Par Serge Pouts-Lajus
Une clé contre la fracture ?
En cette rentrée 2007, le Conseil régional d’Ile de France distribue à tous les « nouveaux lycéens » et à tous les « nouveaux apprentis » une clé USB contenant des ressources numériques qui leur seront utiles pour leurs études. Il ne s’agit pas de la première initiative de ce type. Elle donne au café francilien l’occasion de revenir sur celles qui l’ont précédée et de réfléchir aux usages de la clé USB dans le contexte éducatif.
L’intérêt des éducateurs pour la clé USB est étroitement lié à la notion de fracture numérique. On sait que les lycéens, ne possèdent pas tous un ordinateur personnel, loin s’en faut. La clé ne se substitue évidemment pas à un tel outil de travail mais elle permet de transporter avec soi les fichiers et les applications qui composent généralement l’espace de travail sur un ordinateur personnel. Grâce à ce « bureau mobile », chaque poste informatique que le détenteur de la clé croise peut alors instantanément devenir son ordinateur personnel. Belle revanche pour celui qui est privé d’un tel équipement. Cette démarche rappelle un peu le fameux Vélib parisien qui fait passer en douceur et de façon non contraignante d’un dispositif basé sur la propriété individuelle à la mise en commun d’un bien collectif et permet ainsi aux parisiens sans vélo de se déplacer dans leur ville par cet agréable moyen.
Dans la continuité de cette inspiration mutualiste, la clé offerte par le Conseil régional contient une collection de logiciels libres. Ces ressources informatiques sont les fruits de la coopération de programmeurs ayant choisi de placer leur œuvre commune, dès le départ, dans le domaine public. Les lycéens et les apprentis, pour peu que les enseignants qui leur distribueront les clés le leur expliquent, comprendront ainsi qu’il existe des modalités de production et de diffusion des biens différentes de celles, fondées sur la propriété individuelle, qui leur sont les plus familières.

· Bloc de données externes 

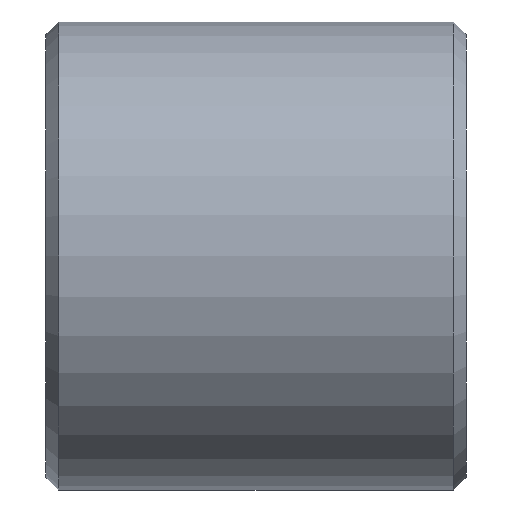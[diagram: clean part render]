
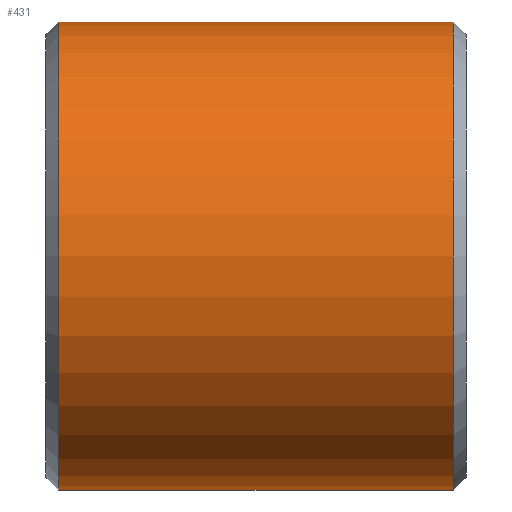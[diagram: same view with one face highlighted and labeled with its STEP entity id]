
A CAD part, left-side view. The second image highlights one B-rep face of the part: STEP entity #431.
In plain terms, the highlighted cylindrical face has radius 7.074 mm (diameter 14.148 mm), a full revolution.
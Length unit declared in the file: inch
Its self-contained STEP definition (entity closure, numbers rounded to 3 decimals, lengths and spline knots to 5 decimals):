
#19=FACE_BOUND('',#86,.T.);
#22=CYLINDRICAL_SURFACE('',#486,0.2785);
#32=CIRCLE('',#484,0.2785);
#33=CIRCLE('',#485,0.2785);
#34=CIRCLE('',#487,0.2785);
#35=CIRCLE('',#488,0.2785);
#57=FACE_OUTER_BOUND('',#85,.T.);
#85=EDGE_LOOP('',(#337,#338,#339,#340,#341,#342));
#86=EDGE_LOOP('',(#343,#344,#345,#346,#347,#348));
#103=LINE('',#648,#143);
#112=LINE('',#671,#152);
#118=LINE('',#706,#158);
#143=VECTOR('',#515,0.3937);
#152=VECTOR('',#538,0.3937);
#158=VECTOR('',#580,0.2785);
#180=ELLIPSE('',#460,0.32158,0.2785);
#181=ELLIPSE('',#463,0.32158,0.2785);
#182=ELLIPSE('',#465,0.32158,0.2785);
#183=ELLIPSE('',#467,0.32158,0.2785);
#184=VERTEX_POINT('',#638);
#185=VERTEX_POINT('',#639);
#188=VERTEX_POINT('',#647);
#190=VERTEX_POINT('',#653);
#192=VERTEX_POINT('',#659);
#194=VERTEX_POINT('',#665);
#204=VERTEX_POINT('',#699);
#205=VERTEX_POINT('',#701);
#206=VERTEX_POINT('',#705);
#207=VERTEX_POINT('',#707);
#223=EDGE_CURVE('',#184,#185,#180,.T.);
#227=EDGE_CURVE('',#185,#188,#103,.T.);
#230=EDGE_CURVE('',#188,#190,#181,.T.);
#233=EDGE_CURVE('',#190,#192,#182,.T.);
#236=EDGE_CURVE('',#194,#184,#183,.T.);
#239=EDGE_CURVE('',#192,#194,#112,.T.);
#253=EDGE_CURVE('',#204,#205,#32,.T.);
#254=EDGE_CURVE('',#205,#204,#33,.T.);
#255=EDGE_CURVE('',#205,#206,#118,.T.);
#256=EDGE_CURVE('',#207,#206,#34,.T.);
#257=EDGE_CURVE('',#206,#207,#35,.T.);
#337=ORIENTED_EDGE('',*,*,#253,.F.);
#338=ORIENTED_EDGE('',*,*,#254,.F.);
#339=ORIENTED_EDGE('',*,*,#255,.T.);
#340=ORIENTED_EDGE('',*,*,#256,.F.);
#341=ORIENTED_EDGE('',*,*,#257,.F.);
#342=ORIENTED_EDGE('',*,*,#255,.F.);
#343=ORIENTED_EDGE('',*,*,#233,.T.);
#344=ORIENTED_EDGE('',*,*,#239,.T.);
#345=ORIENTED_EDGE('',*,*,#236,.T.);
#346=ORIENTED_EDGE('',*,*,#223,.T.);
#347=ORIENTED_EDGE('',*,*,#227,.T.);
#348=ORIENTED_EDGE('',*,*,#230,.T.);
#431=ADVANCED_FACE('',(#57,#19),#22,.T.);
#460=AXIS2_PLACEMENT_3D('',#640,#508,#509);
#463=AXIS2_PLACEMENT_3D('',#654,#520,#521);
#465=AXIS2_PLACEMENT_3D('',#660,#526,#527);
#467=AXIS2_PLACEMENT_3D('',#666,#532,#533);
#484=AXIS2_PLACEMENT_3D('',#702,#574,#575);
#485=AXIS2_PLACEMENT_3D('',#703,#576,#577);
#486=AXIS2_PLACEMENT_3D('',#704,#578,#579);
#487=AXIS2_PLACEMENT_3D('',#708,#581,#582);
#488=AXIS2_PLACEMENT_3D('',#709,#583,#584);
#508=DIRECTION('center_axis',(0.,-0.866,0.5));
#509=DIRECTION('ref_axis',(0.,-0.5,-0.866));
#515=DIRECTION('',(0.,1.,0.));
#520=DIRECTION('center_axis',(0.,0.866,0.5));
#521=DIRECTION('ref_axis',(0.,0.5,-0.866));
#526=DIRECTION('center_axis',(0.,0.866,-0.5));
#527=DIRECTION('ref_axis',(0.,-0.5,-0.866));
#532=DIRECTION('center_axis',(0.,-0.866,-0.5));
#533=DIRECTION('ref_axis',(0.,0.5,-0.866));
#538=DIRECTION('',(0.,-1.,0.));
#574=DIRECTION('center_axis',(0.,-1.,0.));
#575=DIRECTION('ref_axis',(0.,0.,1.));
#576=DIRECTION('center_axis',(0.,-1.,0.));
#577=DIRECTION('ref_axis',(0.,0.,1.));
#578=DIRECTION('center_axis',(0.,-1.,0.));
#579=DIRECTION('ref_axis',(0.,0.,-1.));
#580=DIRECTION('',(0.,1.,0.));
#581=DIRECTION('center_axis',(0.,1.,0.));
#582=DIRECTION('ref_axis',(0.,0.,1.));
#583=DIRECTION('center_axis',(0.,1.,0.));
#584=DIRECTION('ref_axis',(0.,0.,1.));
#638=CARTESIAN_POINT('',(0.2785,0.20381,0.));
#639=CARTESIAN_POINT('',(0.27561,0.22691,0.04));
#640=CARTESIAN_POINT('Origin',(0.,0.20381,0.));
#647=CARTESIAN_POINT('',(0.27561,0.27309,0.04));
#648=CARTESIAN_POINT('',(0.27561,0.25,0.04));
#653=CARTESIAN_POINT('',(0.2785,0.29619,0.));
#654=CARTESIAN_POINT('Origin',(0.,0.29619,0.));
#659=CARTESIAN_POINT('',(0.27561,0.27309,-0.04));
#660=CARTESIAN_POINT('Origin',(0.,0.29619,0.));
#665=CARTESIAN_POINT('',(0.27561,0.22691,-0.04));
#666=CARTESIAN_POINT('Origin',(0.,0.20381,0.));
#671=CARTESIAN_POINT('',(0.27561,0.25,-0.04));
#699=CARTESIAN_POINT('',(0.,0.015,-0.2785));
#701=CARTESIAN_POINT('',(0.,0.015,0.2785));
#702=CARTESIAN_POINT('Origin',(0.,0.015,0.));
#703=CARTESIAN_POINT('Origin',(0.,0.015,0.));
#704=CARTESIAN_POINT('Origin',(0.,0.25,0.));
#705=CARTESIAN_POINT('',(0.,0.485,0.2785));
#706=CARTESIAN_POINT('',(0.,0.25,0.2785));
#707=CARTESIAN_POINT('',(0.,0.485,-0.2785));
#708=CARTESIAN_POINT('Origin',(0.,0.485,0.));
#709=CARTESIAN_POINT('Origin',(0.,0.485,0.));

La clé francilienne atteindra-t-elle les objectifs ambitieux qui lui ont été fixés ? Il faudra d’abord qu’elle soit adoptée et qu’elle le soit pour des usages en relation avec l’éducation et la formation. Cela ne va pas de soi. Des détournements que chacun peut imaginer sont évidemment possibles. Pour un projet comme celui-ci, les mesures d’accompagnement en direction des jeunes mais également de leurs enseignants, des entreprises qui les accueillent pour les apprentis, des chefs d’établissement, sont indispensables. Elles sont même une condition principale du succès de l’opération. Dans ce but, un site d’échanges de pratiques auquel le café pédagogique contribuera a été mis en place par les trois rectorats franciliens.
Reste l’objectif le plus ambitieux et sans doute le plus noble du projet : la lutte contre la fracture numérique. Pour mesurer les effets de l’initiative dans ce domaine, il faudra attendre un an ou deux qu’elle ait porté ses fruits avant de procéder à une évaluation. Mais il est aussi possible de recueillir sans attendre des témoignages d’apprentis ou de lycéens ne possédant pas d’ordinateur personnel et auxquels la clé aura apporté un service de nature éducative. Ces témoignages qui pourront être mis en ligne sur le site de mutualisation montreront des usages concrets de la clé et autant de contributions élémentaires du projet à la réduction de la fracture numérique. Nous comptons sur les enseignants, lecteurs du café pédagogique francilien, pour faire remonter jusqu’à nous de tels témoignages.